Звездочка моя! | страница 66



Моя очередь. Мистер Робертс бодро мне улыбнулся:

— Доля, теперь ты. Не передумала еще петь песню Дэнни Килмана?

— Нет.

— Тебе нужна фонограмма?

— Нет.

Он расцвел:

— Тогда, может быть, согласишься, чтобы я тебе подыграл на гитаре?

Нет, нет, нет!

— Если вы не против, мистер Робертс, я бы все-таки спела одна, как и собиралась. Гитара меня будет… будет отвлекать, — ответила я с запинкой.

— Очень хорошо. Но на выступление тебе точно понадобится фонограмма. Это трудная песня для исполнения а капелла[2].

Я не поняла, что он сказал. Короче, в гробу я видала его скрипучую гитару, которая испоганит мне всю песню. И фонограмма мне тоже не нужна. Песню «Сладкая ты моя доля» я слушаю почти каждый день на протяжении всей жизни. Я знаю каждую ноту наизусть, и все оттенки мне знакомы так же хорошо, как мое дыхание.

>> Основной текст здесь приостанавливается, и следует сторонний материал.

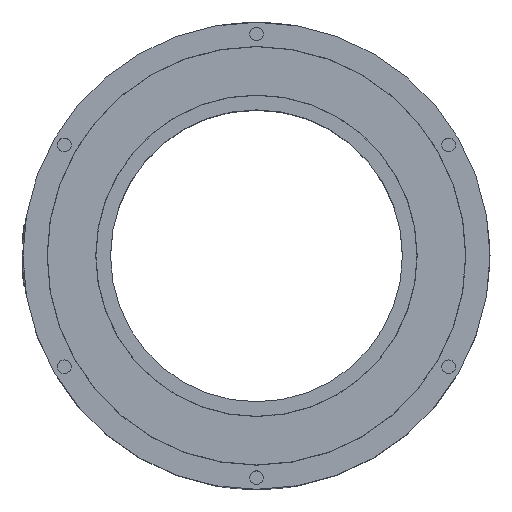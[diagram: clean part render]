
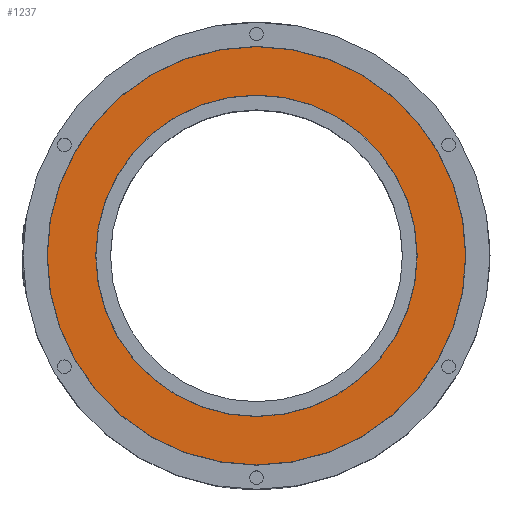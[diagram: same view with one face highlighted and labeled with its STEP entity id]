
A CAD part, top view. The second image highlights one B-rep face of the part: STEP entity #1237.
In plain terms, the highlighted planar face has unit normal (0, 0, 1).
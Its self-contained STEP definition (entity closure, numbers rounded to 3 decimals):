
#285=FACE_BOUND('',#2387,.T.);
#286=FACE_BOUND('',#2388,.T.);
#458=CIRCLE('',#7090,107.5);
#461=CIRCLE('',#7095,82.6);
#773=PLANE('',#7098);
#1237=ADVANCED_FACE('',(#285,#286),#773,.T.);
#2387=EDGE_LOOP('',(#3933));
#2388=EDGE_LOOP('',(#3934));
#3933=ORIENTED_EDGE('',*,*,#5880,.F.);
#3934=ORIENTED_EDGE('',*,*,#5877,.T.);
#4967=VERTEX_POINT('',#27315);
#4970=VERTEX_POINT('',#27323);
#5877=EDGE_CURVE('',#4967,#4967,#458,.T.);
#5880=EDGE_CURVE('',#4970,#4970,#461,.T.);
#7090=AXIS2_PLACEMENT_3D('',#27314,#8201,#8202);
#7095=AXIS2_PLACEMENT_3D('',#27322,#8211,#8212);
#7098=AXIS2_PLACEMENT_3D('',#27326,#8217,#8218);
#8201=DIRECTION('',(0.,0.,1.));
#8202=DIRECTION('',(1.,0.,0.));
#8211=DIRECTION('',(0.,0.,1.));
#8212=DIRECTION('',(-1.,0.,0.));
#8217=DIRECTION('',(0.,0.,1.));
#8218=DIRECTION('',(-1.,0.,0.));
#27314=CARTESIAN_POINT('',(0.,0.,130.));
#27315=CARTESIAN_POINT('',(107.5,0.,130.));
#27322=CARTESIAN_POINT('',(0.,0.,130.));
#27323=CARTESIAN_POINT('',(-82.6,0.,130.));
#27326=CARTESIAN_POINT('',(0.,0.,130.));

Мистер Робертс все еще сомневается. Мальчишки заскучали, девчонки вот-вот начнут хихикать. Ангелина зевает, раскачиваясь на стуле. Внезапно к горлу подкатила тошнота. Во-первых, сейчас все надо мной будут смеяться, во-вторых, завалю песню Дэнни.

«Это песня твоего отца», — стучит в голове мамин голос.

Я закрыла глаза. Я спою для нее. Открываю рот. Начинаю. С первой же строчки, «Сладкая ты моя доля», я вся ушла в мелодию, улетела на другую планету, я чувствую каждое слово, взлет и падение текста, меня пробирает дрожь, и я выдыхаю из себя песню до самой ее последней, красивой и длинной ноты.

Тишина.

Открываю глаза. Все смотрят на меня. Меня бросило в жар. Лицо заливает румянцем. Ну все, точно опозорилась. До моего выступления хлопали всем. Даже Фареду и Ханне, провалившимся с треском.

Но почему они с таким изумлением смотрят на меня?

Первой захлопала миссис Эвери. Она даже встала и аплодирует. Следом за ней захлопали другие. Мистер Робертс тоже, но сбивчиво, не в такт, как будто внезапно растерял свои ладони.

— Господи, Доля, почему ты не говорила! — наконец произнес он, почти со злостью.

Я уставилась на него. О чем не говорила?

— О том, что у тебя просто потрясающий голос.

Он не сводит с меня глаз, будто все еще не может в это поверить.

— Ты никогда так раньше не пела. Почему на уроках музыки ты все время молчишь?

Я пожала плечами.

— Доля, я потрясен. Советовать мне нечего. Пой, как только что спела. Вкладывай всю свою душу.

Не могу дождаться конца репетиции, чтобы все рассказать маме. Я могу петь, могу петь, могу петь! Конечно, я всегда знала, что петь я умею. Мама считает, что я унаследовала папин голос, но я пою совсем не так, как Дэнни Килман. Наверное, у меня все-таки мамин голос. Мы очень часто с ней поем ради смеха, когда пыль убираем, когда украшаем дом или натираем полы.